Thanks Parmela! I cant wait to show these pics to my family.



It seems this house gets used for tons of photoshoots, but this is the first time it has been used for horses.



Its hard to believe that something so beautiful is located in the very SW corner of OK where most people think it is ugly. LOL!

You picked some of my favorite shots of him! Though I have to say ALL of his shots were great! Its hard to believe he is 8 years old in these pics.

I cannot wait to see the foals that he gives me next year.


----------



## Leeana (Jun 4, 2010)

Absolutely AMAZING!!!!!!!


----------



## Irish Hills Farm (Jun 4, 2010)

He looks fabulous Parmela!!


----------



## Becky (Jun 4, 2010)

Fabulous pictures!


----------



## little lady (Jun 4, 2010)

How do you chose from such stunning pics!



He is beautiful!


----------



## RockRiverTiff (Jun 4, 2010)

Wowzers! He sure cleans up nice! That's true beauty.


----------



## love_casper (Jun 4, 2010)

WOW! He is so gorgeous!


----------



## StarRidgeAcres (Jun 4, 2010)

Thank you all very much! It really has made my day to read all your nice and supportive comments.

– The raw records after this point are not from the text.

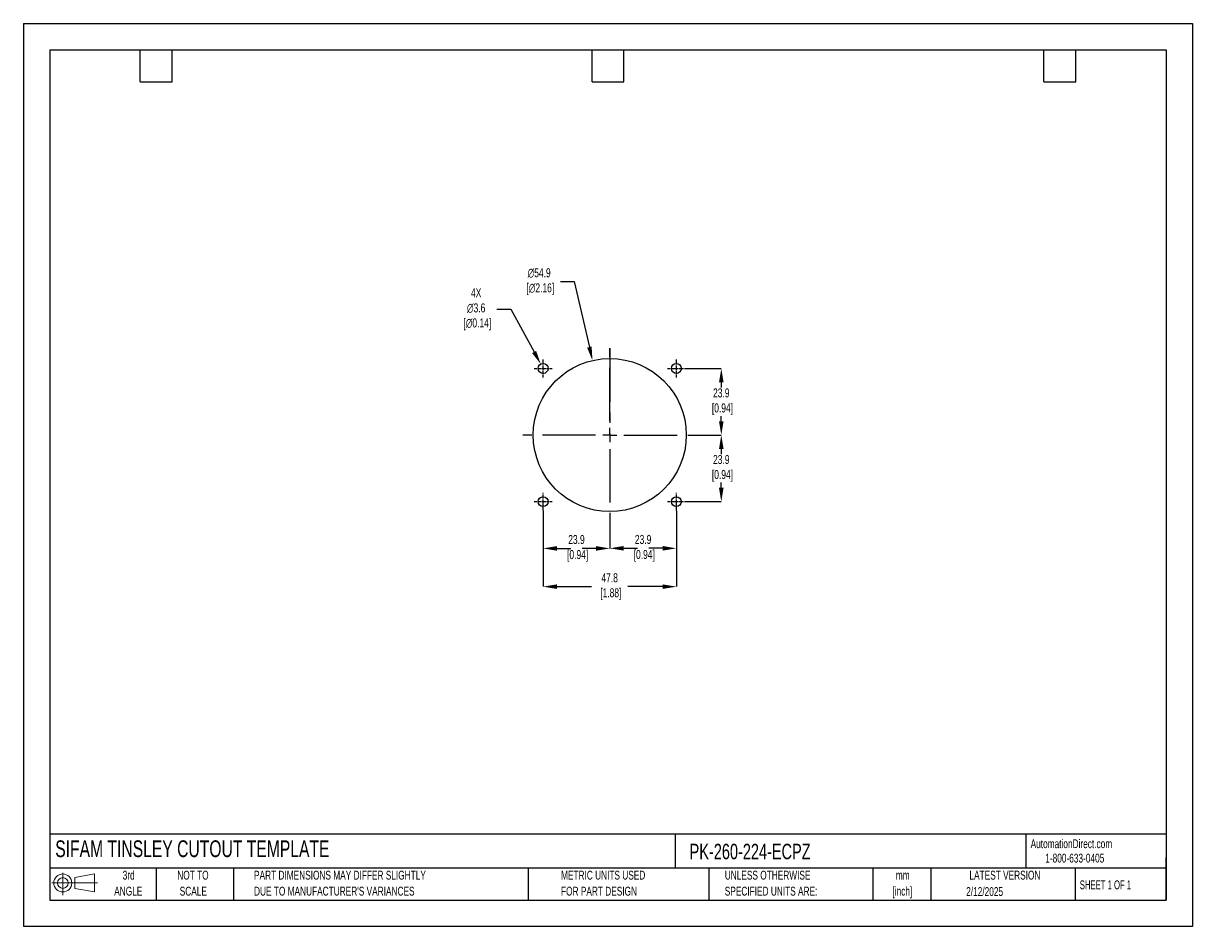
# Model space of a CAD drawing. Header units: millimetres. Extents: x 0 to 419, y 0 to 324.
import ezdxf

# ---------------------------------------------------------------- set-up
doc = ezdxf.new("R2010")
doc.units = ezdxf.units.MM
doc.header["$LTSCALE"] = 1.5
doc.header["$PDSIZE"] = -1
doc.linetypes.add('CENTERX2', pattern=[20.32, 12.7, -2.54, 2.54, -2.54])
for name, color, linetype in [('1', 7, 'Continuous'), ('CENTER', 40, 'CENTERX2'), ('SLD-DEFPOINTS', 7, 'Continuous')]:
    doc.layers.add(name, color=color, linetype=linetype)
doc.layers.add('DIMENSIONS', color=140, linetype='Continuous', lineweight=25)
doc.layers.add('TEXT', color=140, linetype='Continuous', lineweight=25)
doc.styles.add('SLDTEXTSTYLE0', font='TXT', dxfattribs={"width": 0.7})
doc.styles.add('SLDTEXTSTYLE1', font='TXT', dxfattribs={"width": 0.65})
doc.dimstyles.new('SLDDIMSTYLE0', dxfattribs={"dimtxt": 3.237012, "dimasz": 4.953, "dimexe": 0, "dimexo": 0.0625, "dimgap": 0.809253, "dimtad": 0, "dimtih": 1, "dimtoh": 1, "dimrnd": 1e-09, "dimzin": 12, "dimdsep": 46, "dimtxsty": 'SLDTEXTSTYLE0', "dimsah": 1, "dimcen": 0, "dimadec": 0, "dimazin": 3, "dimtfac": 1, "dimtofl": 0, "dimtmove": 0, "dimatfit": 3, "dimfxl": 0, "dimfrac": 2, "dimtolj": 1, "dimtzin": 12, "dimarcsym": 0})

# ---------------------------------------------------------------- blocks, each defined once
blk = doc.blocks.new('Block11')
at = {"color": 7, "linetype": 'Continuous', "lineweight": 18}
for p, q in [((0, 4.32), (16.31, 4.32)), ((3.88, 7.97), (3.88, 0)), ((8.22, 6.25), (15.26, 7.55)), ((8.22, 2.39), (8.22, 6.25)), ((15.26, 7.55), (15.26, 1.1)), ((8.22, 2.39), (15.26, 1.1))]:
    blk.add_line(p, q, dxfattribs=at)
for radius in [3.23, 1.93]:
    blk.add_circle((3.88, 4.32), radius, dxfattribs=at)
blk = doc.blocks.new('Block12')
at = {"layer": 'SLD-DEFPOINTS'}
blk.add_blockref('Block11', (0, 0), dxfattribs=at)
blk = doc.blocks.new('SW_NOTE_0_1')
at = {"layer": 'TEXT', "color": 0, "linetype": 'CENTERX2', "lineweight": 18, "char_height": 3.175, "attachment_point": 2, "style": 'SLDTEXTSTYLE0'}
for s, insert in [('mm', (4.27, 4.09)), ('[inch]', (4.14, -1.64))]:
    blk.add_mtext(s, dxfattribs=dict(at, insert=insert))
blk = doc.blocks.new('SW_NOTE_0_2')
at = {"layer": 'TEXT', "color": 0, "linetype": 'CENTERX2', "lineweight": 18, "char_height": 3.175, "attachment_point": 1, "style": 'SLDTEXTSTYLE0'}
for s, insert in [('UNLESS OTHERWISE', (0, 4.09)), ('SPECIFIED UNITS ARE:', (0, -1.64))]:
    blk.add_mtext(s, dxfattribs=dict(at, insert=insert))
blk = doc.blocks.new('SW_NOTE_0_3')
at = {"layer": 'TEXT', "color": 0, "linetype": 'CENTERX2', "lineweight": 18, "char_height": 3.175, "attachment_point": 1, "style": 'SLDTEXTSTYLE0'}
for s, insert in [('PART DIMENSIONS MAY DIFFER SLIGHTLY', (0, 4.09)), ("DUE TO MANUFACTURER'S VARIANCES", (0, -1.64))]:
    blk.add_mtext(s, dxfattribs=dict(at, insert=insert))
blk = doc.blocks.new('SW_NOTE_0_4')
at = {"layer": 'TEXT', "color": 0, "linetype": 'CENTERX2', "lineweight": 18, "char_height": 3.175, "attachment_point": 2, "style": 'SLDTEXTSTYLE0'}
for s, insert in [('NOT TO', (7.89, 4.09)), ('SCALE', (8.03, -1.64))]:
    blk.add_mtext(s, dxfattribs=dict(at, insert=insert))
blk = doc.blocks.new('SW_NOTE_0_5')
at = {"layer": 'TEXT', "color": 0, "linetype": 'CENTERX2', "lineweight": 18, "char_height": 3.175, "attachment_point": 2, "style": 'SLDTEXTSTYLE0'}
for s, insert in [('3rd', (3.47, 4.09)), ('ANGLE', (3.33, -1.64))]:
    blk.add_mtext(s, dxfattribs=dict(at, insert=insert))
blk = doc.blocks.new('SW_NOTE_0_6')
at = {"layer": 'TEXT', "color": 0, "linetype": 'CENTERX2', "lineweight": 18, "char_height": 3.175, "attachment_point": 1, "style": 'SLDTEXTSTYLE0'}
for s, insert in [('METRIC UNITS USED', (0, 4.09)), ('FOR PART DESIGN', (0, -1.64))]:
    blk.add_mtext(s, dxfattribs=dict(at, insert=insert))
blk = doc.blocks.new('SW_CENTERMARKSYMBOL_0')
at = {"layer": 'CENTER', "color": 0}
for p, q in [((0, 5.08), (0, 31.2)), ((-5.08, 0), (-31.2, 0)), ((0, 0), (-2.54, 0)), ((0, 0), (0, 2.54)), ((0, 0), (0, -2.54)), ((0, 0), (2.54, 0)), ((5.08, 0), (31.2, 0)), ((0, -5.08), (0, -31.2))]:
    blk.add_line(p, q, dxfattribs=at)
blk = doc.blocks.new('*D21')
at = {"layer": 'Defpoints', "color": 0}
for p in [(234.07, 149.18), (210.19, 145.06), (234.07, 135.64)]:
    blk.add_point(p, dxfattribs=at)
at = {"layer": 'DIMENSIONS', "color": 0, "lineweight": -2}
for p, q in [((234.07, 149.12), (234.07, 135.64)), ((210.19, 145), (210.19, 135.64)), ((215.14, 135.64), (220.09, 135.64)), ((229.11, 135.64), (224.16, 135.64))]:
    blk.add_line(p, q, dxfattribs=at)
at = {"layer": 'DIMENSIONS', "color": 0}
for points in [[(215.14, 136.47), (215.14, 134.82), (210.19, 135.64)], [(229.11, 136.47), (229.11, 134.82), (234.07, 135.64)]]:
    blk.add_solid(points, dxfattribs=at)
at = {"layer": 'DIMENSIONS', "color": 0, "insert": (222.13, 135.64), "char_height": 3.237, "attachment_point": 5, "style": 'SLDTEXTSTYLE0'}
blk.add_mtext('\\A1;23.9\\P [0.94]', dxfattribs=at)
blk = doc.blocks.new('*D22')
at = {"layer": 'Defpoints', "color": 0}
for p in [(186.31, 149.18), (234.07, 149.18), (234.07, 121.9)]:
    blk.add_point(p, dxfattribs=at)
at = {"layer": 'DIMENSIONS', "color": 0, "lineweight": -2}
for p, q in [((186.31, 149.12), (186.31, 121.9)), ((234.07, 149.12), (234.07, 121.9)), ((191.26, 121.9), (203.67, 121.9)), ((229.11, 121.9), (216.62, 121.9))]:
    blk.add_line(p, q, dxfattribs=at)
at = {"layer": 'DIMENSIONS', "color": 0}
for points in [[(191.26, 122.72), (191.26, 121.07), (186.31, 121.9)], [(229.11, 122.72), (229.11, 121.07), (234.07, 121.9)]]:
    blk.add_solid(points, dxfattribs=at)
at = {"layer": 'DIMENSIONS', "color": 0, "insert": (210.15, 121.9), "char_height": 3.237, "attachment_point": 5, "style": 'SLDTEXTSTYLE0'}
blk.add_mtext('\\A1;47.8\\P [1.88]', dxfattribs=at)
blk = doc.blocks.new('*D23')
at = {"layer": 'Defpoints', "color": 0}
for p in [(241.38, 176.25), (237.26, 152.37), (250.16, 152.37)]:
    blk.add_point(p, dxfattribs=at)
at = {"layer": 'DIMENSIONS', "color": 0, "lineweight": -2}
for p, q in [((241.44, 176.25), (250.16, 176.25)), ((250.16, 171.3), (250.16, 169.44)), ((250.16, 157.33), (250.16, 159.19)), ((237.32, 152.37), (250.16, 152.37))]:
    blk.add_line(p, q, dxfattribs=at)
at = {"layer": 'DIMENSIONS', "color": 0}
for points in [[(249.34, 171.3), (250.99, 171.3), (250.16, 176.25)], [(249.34, 157.33), (250.99, 157.33), (250.16, 152.37)]]:
    blk.add_solid(points, dxfattribs=at)
at = {"layer": 'DIMENSIONS', "color": 0, "insert": (250.16, 164.31), "char_height": 3.237, "attachment_point": 5, "style": 'SLDTEXTSTYLE0'}
blk.add_mtext('\\A1;23.9\\P [0.94]', dxfattribs=at)
blk = doc.blocks.new('*D24')
at = {"layer": 'Defpoints', "color": 0}
for p in [(237.26, 200.13), (241.38, 176.25), (250.16, 176.25)]:
    blk.add_point(p, dxfattribs=at)
at = {"layer": 'DIMENSIONS', "color": 0, "lineweight": -2}
for p, q in [((237.32, 200.13), (250.16, 200.13)), ((250.16, 195.18), (250.16, 193.32)), ((250.16, 181.21), (250.16, 183.07)), ((241.44, 176.25), (250.16, 176.25))]:
    blk.add_line(p, q, dxfattribs=at)
at = {"layer": 'DIMENSIONS', "color": 0}
for points in [[(249.34, 195.18), (250.99, 195.18), (250.16, 200.13)], [(249.34, 181.21), (250.99, 181.21), (250.16, 176.25)]]:
    blk.add_solid(points, dxfattribs=at)
at = {"layer": 'DIMENSIONS', "color": 0, "insert": (250.16, 188.19), "char_height": 3.237, "attachment_point": 5, "style": 'SLDTEXTSTYLE0'}
blk.add_mtext('\\A1;23.9\\P [0.94]', dxfattribs=at)
blk = doc.blocks.new('*D25')
at = {"layer": 'Defpoints', "color": 0}
for p in [(186.31, 149.18), (210.19, 145.06), (186.31, 135.61)]:
    blk.add_point(p, dxfattribs=at)
at = {"layer": 'DIMENSIONS', "color": 0, "lineweight": -2}
for p, q in [((186.31, 149.12), (186.31, 135.61)), ((210.19, 145), (210.19, 135.61)), ((191.26, 135.61), (196.21, 135.61)), ((205.23, 135.61), (200.28, 135.61))]:
    blk.add_line(p, q, dxfattribs=at)
at = {"layer": 'DIMENSIONS', "color": 0}
for points in [[(191.26, 136.43), (191.26, 134.78), (186.31, 135.61)], [(205.23, 136.43), (205.23, 134.78), (210.19, 135.61)]]:
    blk.add_solid(points, dxfattribs=at)
at = {"layer": 'DIMENSIONS', "color": 0, "insert": (198.25, 135.61), "char_height": 3.237, "attachment_point": 5, "style": 'SLDTEXTSTYLE0'}
blk.add_mtext('\\A1;23.9\\P [0.94]', dxfattribs=at)
blk = doc.blocks.new('*D26')
at = {"layer": 'Defpoints', "color": 0}
for p in [(203.99, 202.98), (216.38, 149.53)]:
    blk.add_point(p, dxfattribs=at)
at = {"layer": 'DIMENSIONS', "color": 0, "lineweight": -2}
for p, q in [((192.49, 231.25), (197.44, 231.25)), ((197.44, 231.25), (202.88, 207.8))]:
    blk.add_line(p, q, dxfattribs=at)
at = {"layer": 'DIMENSIONS', "color": 0}
blk.add_solid([(203.68, 207.99), (202.07, 207.62), (203.99, 202.98)], dxfattribs=at)
at = {"layer": 'DIMENSIONS', "color": 0, "insert": (184.88, 231.25), "char_height": 3.237, "attachment_point": 5, "style": 'SLDTEXTSTYLE0'}
blk.add_mtext('\\A1;∅54.9\\P [∅2.16]', dxfattribs=at)
blk = doc.blocks.new('*D27')
at = {"layer": 'Defpoints', "color": 0}
for p in [(185.45, 201.69), (187.16, 198.57)]:
    blk.add_point(p, dxfattribs=at)
at = {"layer": 'DIMENSIONS', "color": 0, "lineweight": -2}
for p, q in [((169.72, 221.36), (174.67, 221.36)), ((174.67, 221.36), (183.07, 206.04))]:
    blk.add_line(p, q, dxfattribs=at)
at = {"layer": 'DIMENSIONS', "color": 0}
blk.add_solid([(183.79, 206.43), (182.34, 205.64), (185.45, 201.69)], dxfattribs=at)
at = {"layer": 'DIMENSIONS', "color": 0, "insert": (162.3, 221.36), "char_height": 3.237, "attachment_point": 5, "style": 'SLDTEXTSTYLE0'}
blk.add_mtext('\\A1;4X\\P∅3.6\\P [∅0.14]', dxfattribs=at)

msp = doc.modelspace()

# ---------------------------------------------------------------- linework, layer by layer
at = {"color": 7, "linetype": 'Continuous'}
for p, q in [((0, 323.85), (0, 0)), ((0, 323.85), (419.1, 323.85)), ((419.1, 323.85), (419.1, 0)), ((419.1, 0), (0, 0))]:
    msp.add_line(p, q, dxfattribs=at)
at = {"layer": '1', "color": 1, "linetype": 'Continuous'}
for centre, radius in [((210.19, 176.25), 27.43), ((186.31, 200.13), 1.78), ((234.07, 200.13), 1.78), ((186.31, 152.37), 1.78), ((234.07, 152.37), 1.78)]:
    msp.add_circle(centre, radius, dxfattribs=at)
at = {"layer": 'CENTER'}
msp.add_line((210.19, 207.25), (210.19, 176.25), dxfattribs=at)
at = {"layer": 'CENTER', "ltscale": 0.05}
for p, q in [((186.31, 196.94), (186.31, 203.32)), ((234.07, 196.94), (234.07, 203.32)), ((183.12, 200.13), (189.5, 200.13)), ((230.88, 200.13), (237.26, 200.13)), ((186.31, 149.18), (186.31, 155.56)), ((234.07, 149.18), (234.07, 155.56)), ((183.12, 152.37), (189.5, 152.37)), ((230.88, 152.37), (237.26, 152.37))]:
    msp.add_line(p, q, dxfattribs=at)
at = {"layer": 'TEXT'}
for p, q in [((9.52, 314.32), (409.57, 314.32)), ((9.52, 314.32), (9.52, 9.52)), ((41.91, 302.89), (41.91, 314.32)), ((53.34, 302.89), (53.34, 314.32)), ((203.83, 302.89), (203.83, 314.32)), ((215.26, 302.89), (215.26, 314.32)), ((365.76, 302.89), (365.76, 314.32)), ((377.19, 302.89), (377.19, 314.32)), ((409.57, 314.32), (409.57, 9.52)), ((41.91, 302.89), (53.34, 302.89)), ((203.83, 302.89), (215.26, 302.89)), ((365.76, 302.89), (377.19, 302.89)), ((409.57, 33.19), (9.52, 33.19)), ((233.64, 33.19), (233.64, 20.95)), ((359.36, 33.19), (359.36, 20.95)), ((409.57, 9.52), (409.57, 24.77)), ((409.57, 20.95), (9.52, 20.95)), ((47.62, 20.95), (47.62, 9.52)), ((75.32, 20.95), (75.32, 9.52)), ((180.97, 20.95), (180.97, 9.52)), ((245.67, 20.95), (245.67, 9.52)), ((304.54, 20.95), (304.54, 9.52)), ((325.22, 20.95), (325.22, 9.52)), ((377.02, 20.95), (377.02, 9.52)), ((9.52, 9.52), (409.57, 9.52))]:
    msp.add_line(p, q, dxfattribs=at)

# ---------------------------------------------------------------- block references
at = {"layer": 'CENTER'}
msp.add_blockref('SW_CENTERMARKSYMBOL_0', (210.19, 176.25), dxfattribs=at)
at = {"layer": 'SLD-DEFPOINTS'}
msp.add_blockref('Block12', (10.26, 11.33), dxfattribs=at)
at = {"layer": 'TEXT', "linetype": 'CENTERX2', "lineweight": 18}
for name, p in [('SW_NOTE_0_5', (34.27, 15.95)), ('SW_NOTE_0_4', (52.89, 15.95)), ('SW_NOTE_0_3', (82.68, 15.95)), ('SW_NOTE_0_6', (192.72, 15.95)), ('SW_NOTE_0_2', (251.41, 15.95)), ('SW_NOTE_0_1', (310.93, 15.95))]:
    msp.add_blockref(name, p, dxfattribs=at)

# ---------------------------------------------------------------- texts
at = {"layer": 'TEXT', "linetype": 'CENTERX2', "lineweight": 25, "attachment_point": 1, "style": 'SLDTEXTSTYLE0'}
for s, insert, char_height in [('SIFAM TINSLEY CUTOUT TEMPLATE', (11.42, 30.93), 6), ('PK-260-224-ECPZ', (238.81, 29.71), 5.5562)]:
    msp.add_mtext(s, dxfattribs=dict(at, insert=insert, char_height=char_height))
at = {"layer": 'TEXT', "linetype": 'CENTERX2', "lineweight": 18, "char_height": 3.175}
for s, insert, attachment_point, style in [('AutomationDirect.com', (361.04, 31.31), 1, 'SLDTEXTSTYLE0'), ('1-800-633-0405', (366.29, 26.16), 1, 'SLDTEXTSTYLE0'), ('LATEST VERSION', (351.83, 20.05), 2, 'SLDTEXTSTYLE0'), ('2/12/2025', (344.55, 14.16), 2, 'SLDTEXTSTYLE0'), ('SHEET 1 OF 1', (378.66, 16.58), 1, 'SLDTEXTSTYLE1')]:
    msp.add_mtext(s, dxfattribs=dict(at, insert=insert, attachment_point=attachment_point, style=style))

# ---------------------------------------------------------------- dimensions: what is measured, and where the dimension line sits
at = {"layer": 'DIMENSIONS'}
for p1, p2, text, picture, middle in [((216.38, 149.53), (203.99, 202.98), '<>\\P[]', '*D26', (184.88, 231.25)), ((187.16, 198.57), (185.45, 201.69), '4X\\P<>\\P[]', '*D27', (162.3, 221.36))]:
    dim = msp.add_diameter_dim_2p(p1=p1, p2=p2, text=text, dimstyle='SLDDIMSTYLE0', override={"dimdec": 1}, dxfattribs=at)
    dim.commit()
    dim.dimension.update_dxf_attribs({"geometry": picture, "text_midpoint": middle, "dimtype": 163})
for base, p1, p2, picture, middle in [((250.16, 176.25), (237.26, 200.13), (241.38, 176.25), '*D24', (250.16, 188.19)), ((250.16, 152.37), (241.38, 176.25), (237.26, 152.37), '*D23', (250.16, 164.31))]:
    dim = msp.add_linear_dim(base=base, p1=p1, p2=p2, angle=90, text='<>\\P[]', dimstyle='SLDDIMSTYLE0', override={"dimdec": 1}, dxfattribs=at)
    dim.commit()
    dim.dimension.update_dxf_attribs({"geometry": picture, "text_midpoint": middle})
dim = msp.add_linear_dim(base=(234.07, 121.9), p1=(186.31, 149.18), p2=(234.07, 149.18), text='<>\\P[]', dimstyle='SLDDIMSTYLE0', override={"dimdec": 1}, dxfattribs=at)
dim.commit()
dim.dimension.update_dxf_attribs({"geometry": '*D22', "text_midpoint": (210.15, 121.9), "dimtype": 160})
for base, p2, picture, middle in [((186.31, 135.61), (186.31, 149.18), '*D25', (198.25, 135.61)), ((234.07, 135.64), (234.07, 149.18), '*D21', (222.13, 135.64))]:
    dim = msp.add_linear_dim(base=base, p1=(210.19, 145.06), p2=p2, text='<>\\P[]', dimstyle='SLDDIMSTYLE0', override={"dimdec": 1}, dxfattribs=at)
    dim.commit()
    dim.dimension.update_dxf_attribs({"geometry": picture, "text_midpoint": middle})

doc.saveas('drawing.dxf')

This last year has really been draining on me. My work as suffered, the care of my horses has suffered, I've really lost my ability to concentrate, there were days when I did nothing but cry the entire day away. At times I cursed having the horses because it was 18 degrees outside and a waterline burst and I had to carry literally hundreds of gallons of water each day to the horses. So many times I just sat in the barn and cried and wondered if I could really do it by myself.

Well, things are better now. I still have days that I just don't know how I'm going to do it, but for the most part I'm really trying to remember what I loved about the horses and the joy they brought me each and every day. Seeing these pictures of Spirit reminded me why I do this. I love looking at these beautiful creatures and I love their unique personalities and antics.

Having 5 babies (one still to come) this year by myself has been too much and it makes me wonder if I should continue to breed. I really like the showing part of it more I think than the stress of breeding. I worry that Spirit is "wasted" here with me but hopefully he doesn't mind too much. I do believe he's in heaven right now that he's with Jules and Robin because Jules is taking such AWESOME care of him and he's got mares galore to "date"



If he's got his feed, some scratches and some babes, he's good!





Thanks again everyone! He still takes my breath away.


----------



## Wisteria (Jun 4, 2010)

Hi Parmela,

Spirit is looking great! Liz does a great job - glad to see her back out there.

Thanks for sharing...

Mo


----------



## ThreeCFarm (Jun 4, 2010)

He looks awesome!!! I especially love the first picture.


----------



## eagles ring farm (Jun 5, 2010)

Just gorgeous








He has long been one of my favorites


----------



## WhiteTailsMinis (Jun 5, 2010)

what a beautiful boy and the photos are great! So hard to choose I'm sure so just get all of them! LOL

An amazing boy you have there Parmela! wow


----------



## MBhorses (Jun 6, 2010)

wow

HE IS ONE FINE STUD



Great photos



I would love to own a dilute like him


----------



## MBhorses (Jun 6, 2010)

wow

HE IS ONE FINE FOAL



Great photos




I would love to own a dilute like him


----------



## REO (Jun 6, 2010)

Parmela, I knew he was beautiful! But watching close up Spirit during his photo shoot, I was



WOW!

That boy of yours is truely awesome! I'm very HONORED to have some of my mares dating him for buckskin foals next year! Thank you so much for sharing him with Jules & I! We are so lucky!!!

Spirit is GORGEOUS!


----------



## StarRidgeAcres (Jun 7, 2010)

Thank you all very, very much!!! I still pinch myself.

It will be sad not having any babies next year, but it's for the best. I need a year off. But Spirit was plenty happy to head to OK to visit some mares there!



He's not picky about locale.


----------



## srpwildrose (Jun 8, 2010)

cretahillsgal said:


> Thanks Parmela! I cant wait to show these pics to my family.
> 
> 
> 
> ...



I bet he gives you some beautiful foals next year.

And next year tell me about the upcoming photo shoot.......I definatly want to come. All those pics are just awesome


----------



## midnight star stables (Jun 8, 2010)

I LOVE the first picture



He is STUNNING!


----------



## mizbeth (Jun 10, 2010)

He is very beautiful, glad you went with the full clip!

Beth


----------



## CheyAut (Jun 10, 2010)

Everytime I see him, I fall more and more in love... WOW he is STUNNING!!!


----------



## Charlotte (Jun 10, 2010)

Beautiful. Simply beautiful.

I'm glad I finally found where pictures are being posted! I almost missed this eye candy!

Charlotte


----------



## minie812 (Jun 10, 2010)




----------